Praise for The Ladies Gallery
“These are postcards from the edge... heartbreaking... funny... political... breathtakingly beautiful.”
—Detroit Free Press (Notable Book of the Year)
“Vilar is writing about three generations of Puerto Rican women...enchantresses and destroyers, the main people they destroy tend to be themselves...But in Vilar's case, talent, coupled with intelligence, still holds the winning hand.”
—Carolyn See, Washington Post
“Stunning.

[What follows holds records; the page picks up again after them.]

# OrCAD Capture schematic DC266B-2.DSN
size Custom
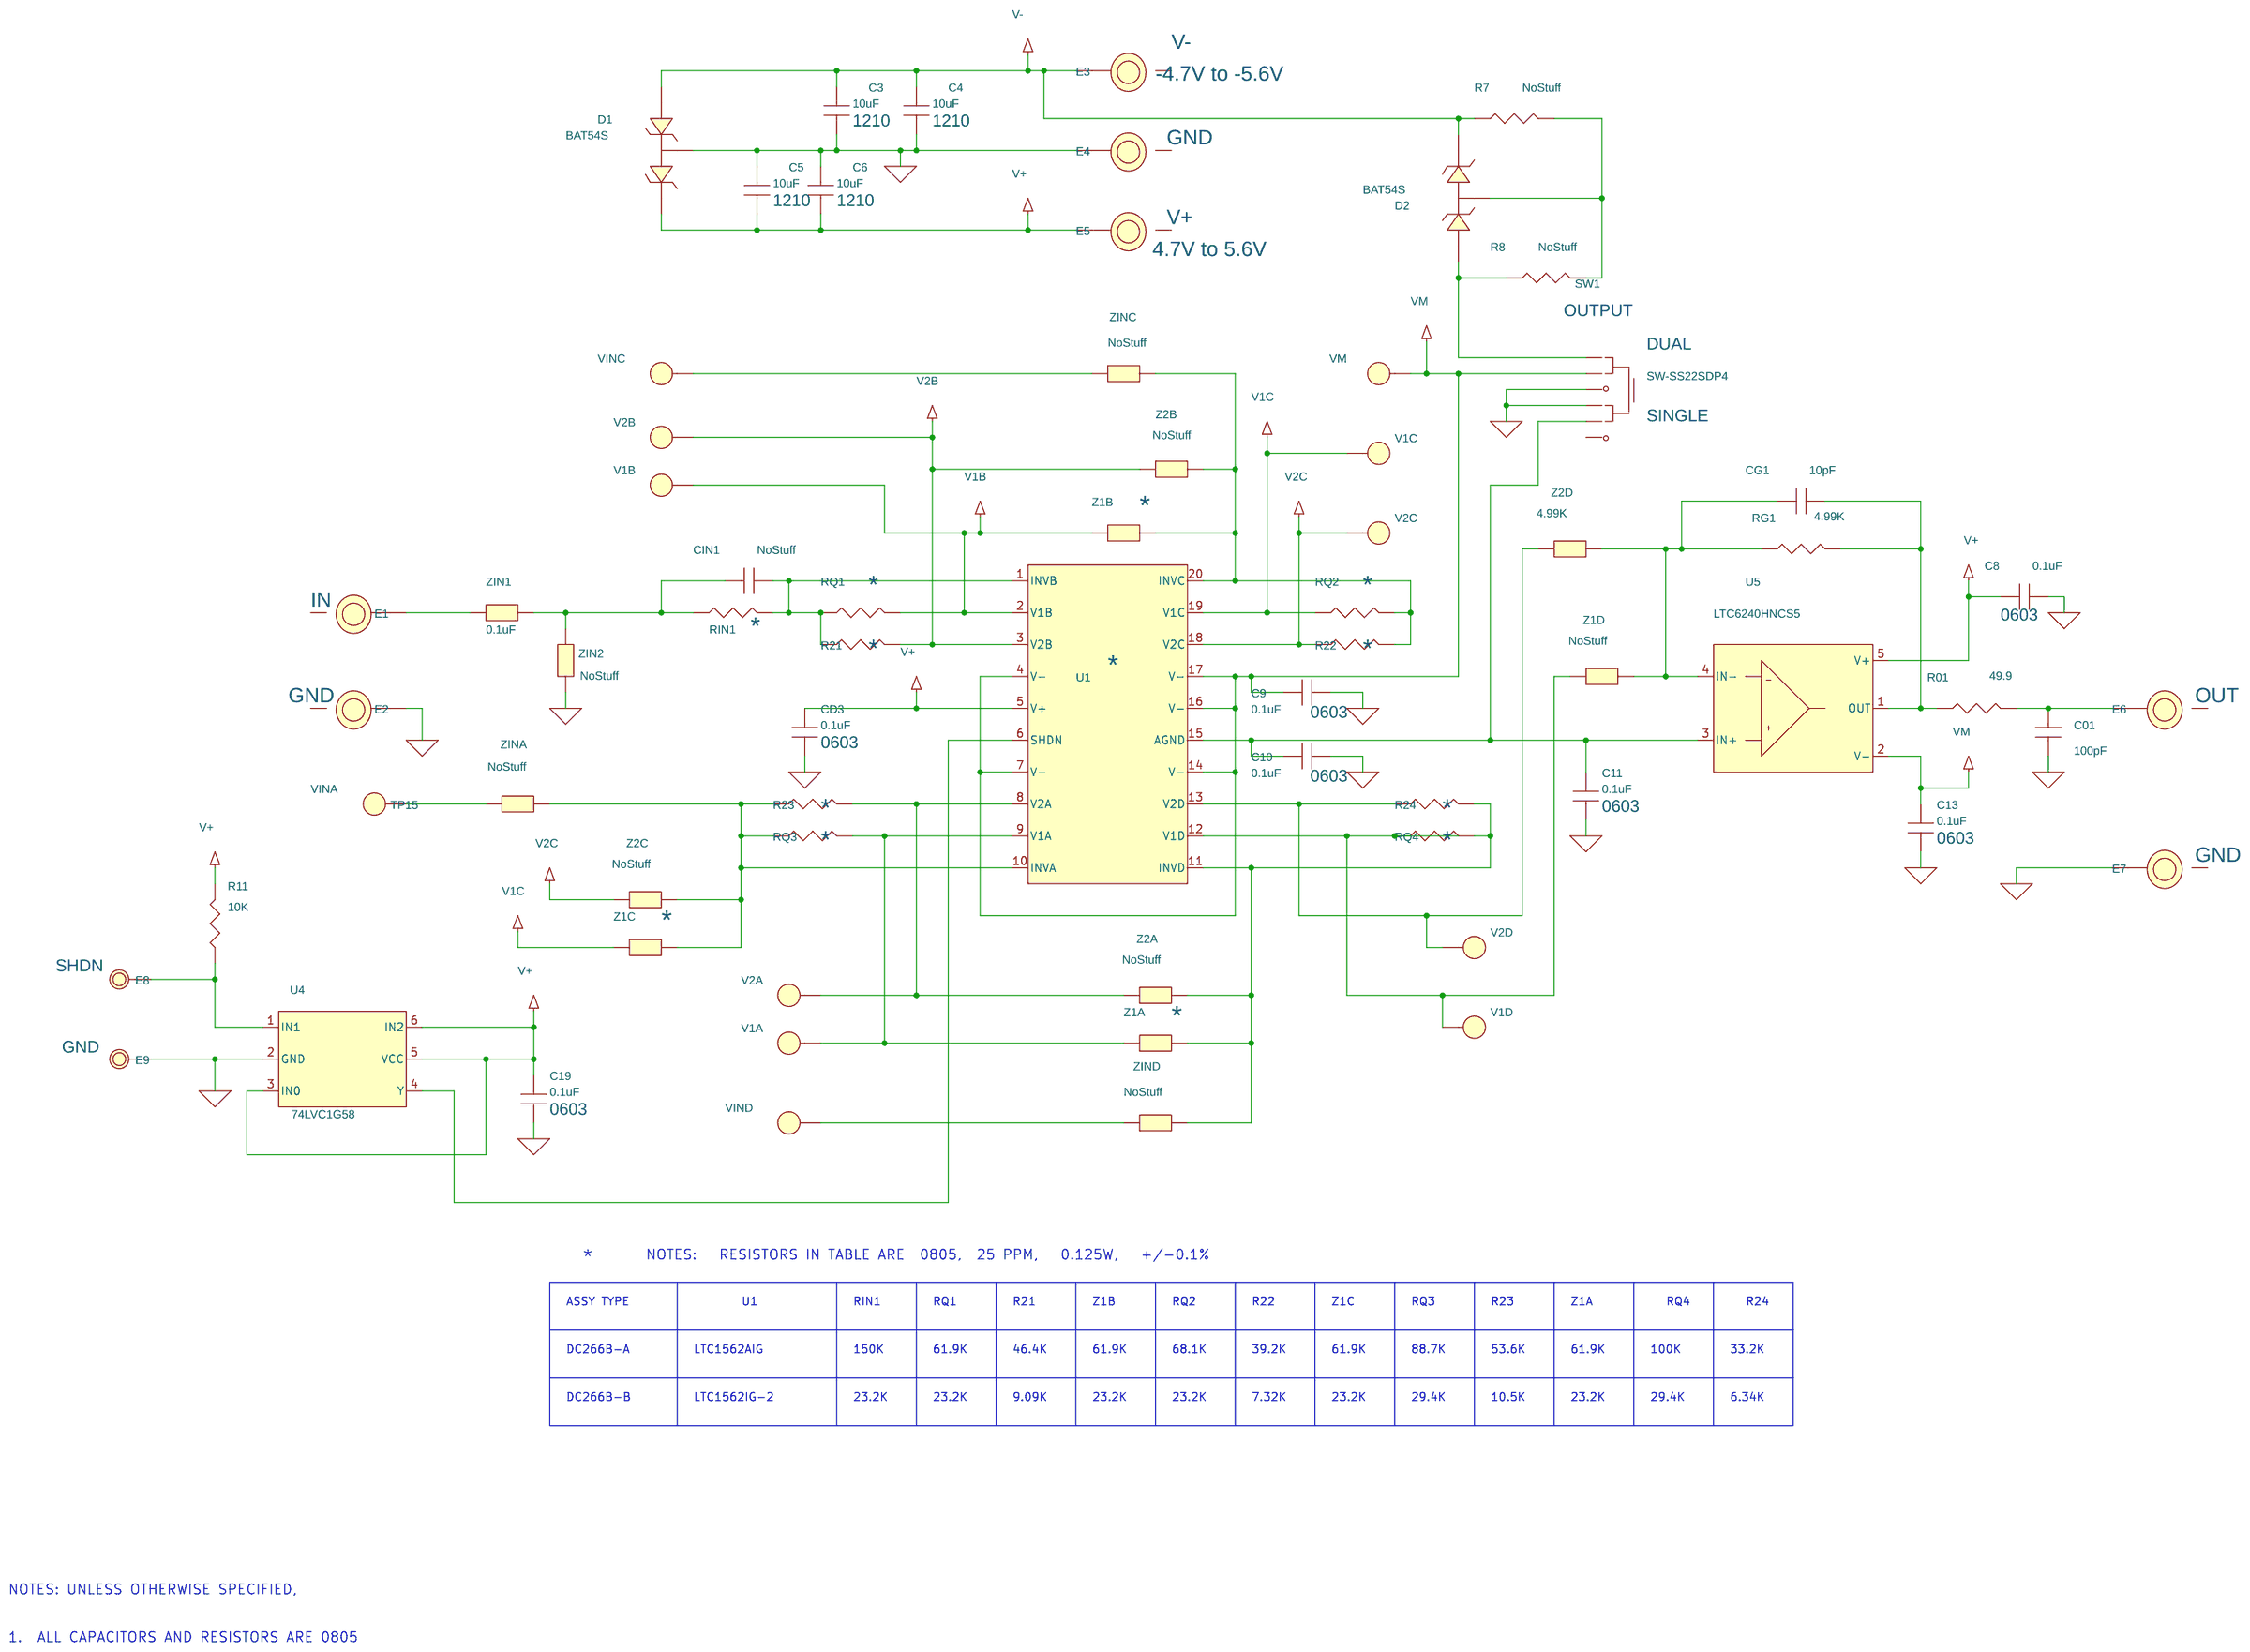
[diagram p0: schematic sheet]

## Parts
C01  100pF  [0805]
C3  10uF  [1210]
C4  10uF  [1210]
C5  10uF  [1210]
C6  10uF  [1210]
C8  0.1uF  [0603]
C9  0.1uF  [0603]
C10  0.1uF  [0603]
C11  0.1uF  [0603]
C13  0.1uF  [0603]
C19  0.1uF  [0603]
CD3  0.1uF  [0603]
CG1  10pF  [0805]
CIN1  NoStuff  [0805]
D1  BAT54S  [SOT23]
D2  BAT54S  [SOT23]
E1  IN  [MM/2501]
E2  GND  [MM/2501]
E3  V-  [MM/2501]
E4  GND  [MM/2501]
E5  V+  [MM/2501]
E6  OUT  [MM/2501]
E7  GND  [MM/2501]
E8  MILL-MAX 2308  [MILLMAX2308]
E9  MILL-MAX 2308  [MILLMAX2308]
R01  49.9  [0805]
R7  NoStuff  [0805]
R8  NoStuff  [0805]
R11  10K  [0805]
R21  *  [0805]
R22  *  [0805]
R23  *  [0805]
R24  *  [0805]
RG1  4.99K  [0805]
RIN1  *  [0805]
RQ1  *  [0805]
RQ2  *  [0805]
RQ3  *  [0805]
RQ4  *  [0805]
SW1  SW-SS22SDP4  [SW-SS22S]
TP1  VINC  [HOLE-35X50]
TP2  V2B  [HOLE-35X50]
TP3  V1B  [HOLE-35X50]
TP5  VM  [HOLE-35X50]
TP6  V1C  [HOLE-35X50]
TP7  V2C  [HOLE-35X50]
TP8  V2A  [HOLE-35X50]
TP9  V1A  [HOLE-35X50]
TP10  VIND  [HOLE-35X50]
TP11  V2D  [HOLE-35X50]
TP12  V1D  [HOLE-35X50]
TP15  VINA  [HOLE-35X50]
U1  *  [SSOP-20]
U4  74LVC1G58  [SOT363]
U5  LTC6240HNCS5  [5PINTSOT23]
Z1A  *  [0805]
Z1B  *  [0805]
Z1C  *  [0805]
Z1D  NoStuff  [0805]
Z2A  NoStuff  [0805]
Z2B  NoStuff  [0805]
Z2C  NoStuff  [0805]
Z2D  4.99K  [0805]
ZIN1  0.1uF  [0805]
ZIN2  NoStuff  [0805]
ZINA  NoStuff  [0805]
ZINC  NoStuff  [0805]
ZIND  NoStuff  [0805]

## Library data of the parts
C01 CG1 CIN1 = CAP0603
C3-C6 = 10uF_25V_10%_X5R_1210: CAP., 10uF, X7R, 16V, 10%, 1210; DIELECTRIC: X7R; Part Number: AVX, 1210YC106KAT2A
C8 C10 CD3 = 0.1uF_16V_10%_X7R_0603: Part Number: AVX 0603YC104KAT2 / D
C9 C19 = 0.1uF_16V_10%_X7R_0603: Part Number: AVX 0603YC104KAT2
C11 = 0.1uF_16V_10%_X7R_0603: Part Number: AVX 0603YC104KAT2 / AVX 0603YC104KAT2
C13 = 0.1uF_16V_10%_X7R_0603: Part Number: AVX 0603YC104KAT2 / AVX 0805YC104KAT2
D1 D2 = BAT54STA_1
E1 = E_13: VOLTAGE: ????
E2 = E_13: VOLTAGE: 1
E3 = E_13: VOLTAGE: -4.7V to -5.6V
E4 = E_13: VOLTAGE: (4.7V to 5.6V)
E5 = E_13: VOLTAGE: 4.7V to 5.6V
E6 E7 = E_13: VOLTAGE: 2.7V-5.5V
E8 = TURRET,_064_MTG_HOLE: 1: SHDN
E9 = TURRET,_064_MTG_HOLE: 1: GND
R01 R11 R21-R24 RG1 RIN1 RQ1-RQ4 = AAC-0805
R7 R8 = OPT_0805
SW1 = SW-SS22SDP4_1: 1 COLUMN: OUTPUT; 2 COLUMN: DUAL; 3 COLUMN: SINGLE
TP1-TP3 TP5-TP12 TP15 = TURRETL_1: TURRET; Part Number: MILL MAX 2501
U1 = LTC1562-2_0
U4 = 74LVC1G58
U5 = LTC6240HNCS5
Z1A Z1B Z1C Z1D Z2A Z2B Z2C Z2D ZIN1 ZIN2 ZINA ZINC ZIND = AAC-0805_1

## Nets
GND: C01.1 C3.2 C4.2 C5.1 C6.1 C8.1 C9.2 C10.2 C11.1 C13.1 C19.1 CD3.1 D1.3 E2.1(A) E4.1(A) E7.1(A) E9.1(A) SW1.3 SW1.4 U4.2(GND) ZIN2.2
V1B: RQ1.2 TP3.1(TP) U1.2(V1B) Z1B.1
V1C: RQ2.1 TP6.1(TP) U1.19(V1C) Z1C.1
V2B: R21.2 TP2.1(TP) U1.3(V2B) Z2B.1
V2C: R22.1 TP7.1(TP) U1.18(V2C) Z2C.1
V+: C5.2 C6.2 C8.2 C19.2 CD3.2 D1.2 E5.1(A) R11.2 U1.5(V+) U4.3(IN0) U4.5(VCC) U4.6(IN2) U5.5(V+)
V-: C3.1 C4.1 D1.1 D2.2 E3.1(A) R7.1
VM: C9.1 C13.2 SW1.2 TP5.1(TP) U1.4(V-) U1.7(V-) U1.14(V-) U1.16(V-) U1.17(V-) U5.2(V-)
N00141: CIN1.2 R21.1 RIN1.2 RQ1.1 U1.1(INVB)
N176480: CIN1.1 RIN1.1 ZIN1.2 ZIN2.1
N16892911: R22.2 RQ2.2 U1.20(INVC) Z1B.2 Z2B.2 ZINC.2
N16900623: TP1.1(TP) ZINC.1
N16960682: E8.1(A) R11.1 U4.1(IN1)
N16967110: U1.6(SHDN) U4.4(Y)
N17006780: D2.1 R8.1 SW1.1
N17007936: D2.3 R7.2 R8.2
N17013964: C10.1 C11.2 SW1.5 U1.15(AGND) U5.3(IN+)
N17024950: CG1.2 R01.1 RG1.2 U5.1(OUT)
N17024966: CG1.1 RG1.1 U5.4(IN-) Z1D.2 Z2D.2
N17036416: R23.2 TP8.1(TP) U1.8(V2A) Z2A.1
N17036720: RQ3.2 TP9.1(TP) U1.9(V1A) Z1A.1
N17037026: R23.1 RQ3.1 U1.10(INVA) Z1C.2 Z2C.2 ZINA.2
N17048121: R24.1 TP11.1(TP) U1.13(V2D) Z2D.1
N17048442: RQ4.1 TP12.1(TP) U1.12(V1D) Z1D.1
N17048765: R24.2 RQ4.2 U1.11(INVD) Z1A.2 Z2A.2 ZIND.2
N17058825: TP10.1(TP) ZIND.1
N17248602: C01.2 E6.1(A) R01.2
N17527328: E1.1(A) ZIN1.1
N17529225: TP15.1(TP) ZINA.1

Not connected (* = marked no-connect by the designer): SW1 6

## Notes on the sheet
- *
- NOTES:   RESISTORS IN TABLE ARE  0805,  25 PPM,   0.125W,   +/-0.1%
- ASSY TYPE
- U1
- RIN1
- RQ1
- R21
- Z1B
- RQ2
- R22
- Z1C
- RQ3
- R23
- Z1A
- RQ4
- R24
- DC266B-A
- LTC1562AIG
- 150K
- 61.9K
- 46.4K
- 61.9K
- 68.1K
- 39.2K
- 61.9K
- 88.7K
- 53.6K
- 61.9K
- 100K
- 33.2K
- DC266B-B
- LTC1562IG-2
- 23.2K
- 23.2K
- 9.09K
- 23.2K
- 23.2K
- 7.32K
- 23.2K
- 29.4K
- 10.5K
- 23.2K
- 29.4K
- 6.34K
- NOTES: UNLESS OTHERWISE SPECIFIED,
- 1.  ALL CAPACITORS AND RESISTORS ARE 0805

A Lyrical and visionary memoir of depression, Puerto Rican identity, and young womanhood”
—Kirkus Review (starred review)
“The Ladies Gallery is destined to become a legendary work.”
—Bob Shacochis, author of Swimming in the Volcano
“Profoundly moving and beautifully written”
—Rosario Ferre, author of The House on the Lagoon
“This memoir introduces us to a writer bound to make an impact...An autobiography as fantastic as any novel...It is a mark of Vilar's art that her story seems warm and alive”
—Gail Caldwell, Boston Globe
“Startling, raw, and affecting, a painful exercise in which memoir as therapy becomes memoir as art.”
—Carlin Romano, Philadelphia Inquirer (Notable Book of The Year)
“A hartrending and dramatic literary debut, wherein Vilar reveals the dark side her parents always tried to suppress”
—Miami Herald
“Lolita Lebron's granddaughter, heir to the most public female embodiment of heroic self-sacrifice in Puerto Rico in this century, has written a memoir full of searing, intimate truths, silences broken open to reveal the personal costs of public myth making...A momentous act of courage.
”
—Aurora Levins Morales, The Women's Review of Books
“A beautiful memoir, humorous and compassionate”
—Suzanne Ruta, Newsday
“Just as artist Frida Kahlo's splintered self-portarits and diaries personify Mexico's proud yet fragmentyed self-image, Vilar's intimate accounts about herself and her family personlaize Puerto Rico's political, social, and cultural wars for its identity. The potency of Vilar's tale arises from its telling...The Ladies' Gallery can liberate readers, yet this is more than a self-help book. It is a lesson in acquiring spiritual grace and understanding from a young woman who has plenty of both.”